# He Awakens!



## Trip (Oct 27, 2002)

I just finished up this hour and a half piece, I'm pretty happy with the outcome, but not too sure about it. You'll have to just imagine the man standing there shouting something along the lines of: "Oh sh*t, noooooo!". 







Comments are welcome!


----------



## Jason (Oct 27, 2002)

i like 

good illustration


----------



## Trip (Oct 31, 2002)

*bump*


----------



## xaqintosh (Oct 31, 2002)

pretty nice


----------



## Trip (Oct 31, 2002)

Hehe, don't worry fella's: I *do* accept criticism (sp?).


----------



## xaqintosh (Oct 31, 2002)

well, it kind of reminds me of "The Iron Giant" remember that movie?


----------



## Jason (Nov 7, 2002)

yes it does, great movie btw


----------



## Trip (Nov 8, 2002)

Hey yeah,
That's where (I guess) I got most of the inspiration, the rest of it came from one of the contests over at eatpoo.


----------



## Jason (Nov 9, 2002)

eat? poo?

you sick man you


----------



## Trip (Nov 9, 2002)

Hehe, don't ask me!
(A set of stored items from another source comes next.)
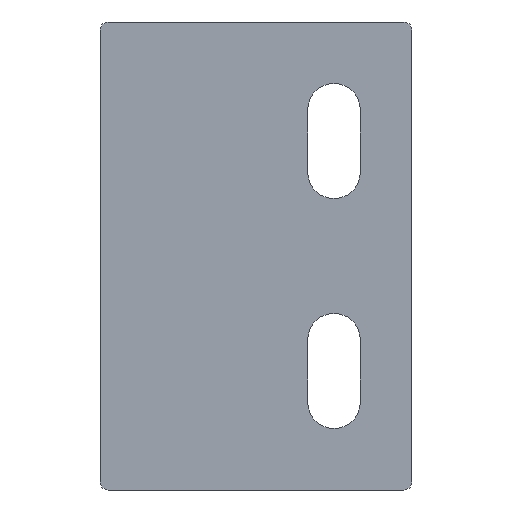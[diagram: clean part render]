
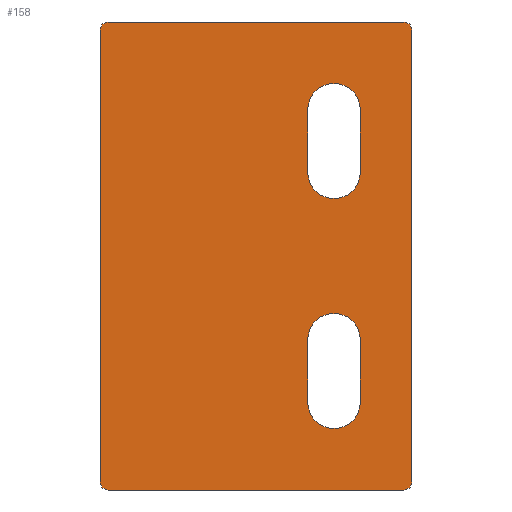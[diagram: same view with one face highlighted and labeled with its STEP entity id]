
A CAD part, front view. The second image highlights one B-rep face of the part: STEP entity #158.
In plain terms, the highlighted planar face has unit normal (0, -1, 0).
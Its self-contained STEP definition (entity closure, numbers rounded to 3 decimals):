
#38=FACE_BOUND('',#256,.T.);
#39=FACE_BOUND('',#257,.T.);
#40=FACE_BOUND('',#258,.T.);
#74=CIRCLE('',#703,1.6);
#83=CIRCLE('',#716,1.6);
#84=CIRCLE('',#718,1.6);
#86=CIRCLE('',#722,1.6);
#97=CIRCLE('',#738,0.5);
#101=CIRCLE('',#749,0.5);
#103=CIRCLE('',#753,0.5);
#115=CIRCLE('',#773,0.5);
#158=ADVANCED_FACE('',(#38,#39,#40),#170,.T.);
#170=PLANE('',#775);
#256=EDGE_LOOP('',(#433,#434,#435,#436,#437,#438,#439,#440));
#257=EDGE_LOOP('',(#441,#442,#443,#444));
#258=EDGE_LOOP('',(#445,#446,#447,#448));
#433=ORIENTED_EDGE('',*,*,#597,.T.);
#434=ORIENTED_EDGE('',*,*,#505,.T.);
#435=ORIENTED_EDGE('',*,*,#580,.T.);
#436=ORIENTED_EDGE('',*,*,#577,.F.);
#437=ORIENTED_EDGE('',*,*,#574,.T.);
#438=ORIENTED_EDGE('',*,*,#571,.T.);
#439=ORIENTED_EDGE('',*,*,#556,.T.);
#440=ORIENTED_EDGE('',*,*,#560,.T.);
#441=ORIENTED_EDGE('',*,*,#533,.T.);
#442=ORIENTED_EDGE('',*,*,#530,.T.);
#443=ORIENTED_EDGE('',*,*,#539,.T.);
#444=ORIENTED_EDGE('',*,*,#536,.T.);
#445=ORIENTED_EDGE('',*,*,#528,.T.);
#446=ORIENTED_EDGE('',*,*,#510,.T.);
#447=ORIENTED_EDGE('',*,*,#514,.T.);
#448=ORIENTED_EDGE('',*,*,#517,.T.);
#451=VERTEX_POINT('',#984);
#452=VERTEX_POINT('',#986);
#455=VERTEX_POINT('',#994);
#457=VERTEX_POINT('',#997);
#459=VERTEX_POINT('',#1003);
#461=VERTEX_POINT('',#1009);
#467=VERTEX_POINT('',#1082);
#469=VERTEX_POINT('',#1085);
#471=VERTEX_POINT('',#1091);
#473=VERTEX_POINT('',#1097);
#484=VERTEX_POINT('',#1194);
#485=VERTEX_POINT('',#1196);
#487=VERTEX_POINT('',#1202);
#494=VERTEX_POINT('',#1226);
#496=VERTEX_POINT('',#1232);
#498=VERTEX_POINT('',#1238);
#505=EDGE_CURVE('',#452,#451,#600,.T.);
#510=EDGE_CURVE('',#457,#455,#605,.T.);
#514=EDGE_CURVE('',#455,#459,#74,.T.);
#517=EDGE_CURVE('',#459,#461,#610,.T.);
#528=EDGE_CURVE('',#461,#457,#83,.T.);
#530=EDGE_CURVE('',#469,#467,#84,.T.);
#533=EDGE_CURVE('',#471,#469,#616,.T.);
#536=EDGE_CURVE('',#473,#471,#86,.T.);
#539=EDGE_CURVE('',#467,#473,#620,.T.);
#556=EDGE_CURVE('',#485,#484,#97,.T.);
#560=EDGE_CURVE('',#484,#487,#630,.T.);
#571=EDGE_CURVE('',#494,#485,#639,.T.);
#574=EDGE_CURVE('',#496,#494,#101,.T.);
#577=EDGE_CURVE('',#496,#498,#643,.T.);
#580=EDGE_CURVE('',#451,#498,#103,.T.);
#597=EDGE_CURVE('',#487,#452,#115,.T.);
#600=LINE('',#985,#651);
#605=LINE('',#996,#656);
#610=LINE('',#1011,#661);
#616=LINE('',#1090,#667);
#620=LINE('',#1102,#671);
#630=LINE('',#1203,#681);
#639=LINE('',#1225,#690);
#643=LINE('',#1237,#694);
#651=VECTOR('',#780,1.);
#656=VECTOR('',#787,1.);
#661=VECTOR('',#800,1.);
#667=VECTOR('',#836,1.);
#671=VECTOR('',#848,1.);
#681=VECTOR('',#888,1.);
#690=VECTOR('',#911,1.);
#694=VECTOR('',#923,1.);
#703=AXIS2_PLACEMENT_3D('',#1005,#793,#794);
#716=AXIS2_PLACEMENT_3D('',#1079,#824,#825);
#718=AXIS2_PLACEMENT_3D('',#1084,#829,#830);
#722=AXIS2_PLACEMENT_3D('',#1096,#841,#842);
#738=AXIS2_PLACEMENT_3D('',#1195,#881,#882);
#749=AXIS2_PLACEMENT_3D('',#1231,#917,#918);
#753=AXIS2_PLACEMENT_3D('',#1242,#929,#930);
#773=AXIS2_PLACEMENT_3D('',#1319,#973,#974);
#775=AXIS2_PLACEMENT_3D('',#1321,#977,#978);
#780=DIRECTION('',(-1.,0.,0.));
#787=DIRECTION('',(0.,0.,1.));
#793=DIRECTION('',(0.,1.,0.));
#794=DIRECTION('',(-1.,0.,0.));
#800=DIRECTION('',(0.,0.,-1.));
#824=DIRECTION('',(0.,1.,0.));
#825=DIRECTION('',(1.,0.,0.));
#829=DIRECTION('',(0.,1.,0.));
#830=DIRECTION('',(1.,0.,0.));
#836=DIRECTION('',(0.,0.,-1.));
#841=DIRECTION('',(0.,1.,0.));
#842=DIRECTION('',(-1.,0.,0.));
#848=DIRECTION('',(0.,0.,1.));
#881=DIRECTION('',(0.,-1.,0.));
#882=DIRECTION('',(0.,0.,-1.));
#888=DIRECTION('',(0.,0.,1.));
#911=DIRECTION('',(1.,0.,0.));
#917=DIRECTION('',(0.,-1.,0.));
#918=DIRECTION('',(-1.,0.,0.));
#923=DIRECTION('',(0.,0.,1.));
#929=DIRECTION('',(0.,-1.,0.));
#930=DIRECTION('',(0.,0.,1.));
#973=DIRECTION('',(0.,-1.,0.));
#974=DIRECTION('',(1.,0.,0.));
#977=DIRECTION('',(0.,-1.,0.));
#978=DIRECTION('',(1.,0.,0.));
#984=CARTESIAN_POINT('',(1.3,0.,14.25));
#985=CARTESIAN_POINT('',(19.3,0.,14.25));
#986=CARTESIAN_POINT('',(19.3,0.,14.25));
#994=CARTESIAN_POINT('',(13.45,0.,8.9));
#996=CARTESIAN_POINT('',(13.45,0.,5.1));
#997=CARTESIAN_POINT('',(13.45,0.,5.1));
#1003=CARTESIAN_POINT('',(16.65,0.,8.9));
#1005=CARTESIAN_POINT('',(15.05,0.,8.9));
#1009=CARTESIAN_POINT('',(16.65,0.,5.1));
#1011=CARTESIAN_POINT('',(16.65,0.,8.9));
#1079=CARTESIAN_POINT('',(15.05,0.,5.1));
#1082=CARTESIAN_POINT('',(13.45,0.,-8.9));
#1084=CARTESIAN_POINT('',(15.05,0.,-8.9));
#1085=CARTESIAN_POINT('',(16.65,0.,-8.9));
#1090=CARTESIAN_POINT('',(16.65,0.,-5.1));
#1091=CARTESIAN_POINT('',(16.65,0.,-5.1));
#1096=CARTESIAN_POINT('',(15.05,0.,-5.1));
#1097=CARTESIAN_POINT('',(13.45,0.,-5.1));
#1102=CARTESIAN_POINT('',(13.45,0.,-8.9));
#1194=CARTESIAN_POINT('',(19.8,0.,-13.75));
#1195=CARTESIAN_POINT('',(19.3,0.,-13.75));
#1196=CARTESIAN_POINT('',(19.3,0.,-14.25));
#1202=CARTESIAN_POINT('',(19.8,0.,13.75));
#1203=CARTESIAN_POINT('',(19.8,0.,-13.75));
#1225=CARTESIAN_POINT('',(1.3,0.,-14.25));
#1226=CARTESIAN_POINT('',(1.3,0.,-14.25));
#1231=CARTESIAN_POINT('',(1.3,0.,-13.75));
#1232=CARTESIAN_POINT('',(0.8,0.,-13.75));
#1237=CARTESIAN_POINT('',(0.8,0.,-13.75));
#1238=CARTESIAN_POINT('',(0.8,0.,13.75));
#1242=CARTESIAN_POINT('',(1.3,0.,13.75));
#1319=CARTESIAN_POINT('',(19.3,0.,13.75));
#1321=CARTESIAN_POINT('',(0.8,0.,-14.25));

I just go there! 
They really do have some super-talented artists there, I don't know how they do it!


----------



## Jason (Nov 9, 2002)

yeah they do have some great artists, i wish i could do stuff like that


----------



## Da_iMac_Daddy (Nov 30, 2002)

Where has all of Trips stuff gone?


----------



## Trip (Nov 30, 2002)

Oh yeah: I've moved everything until I get the new site up. For now all you can do is check out the thumbs: http://www.TannerSite.com/preview


----------



## Da_iMac_Daddy (Nov 30, 2002)

oh ... ok :\


----------



## plastic (Dec 1, 2002)

I love the "Iron Giant".


----------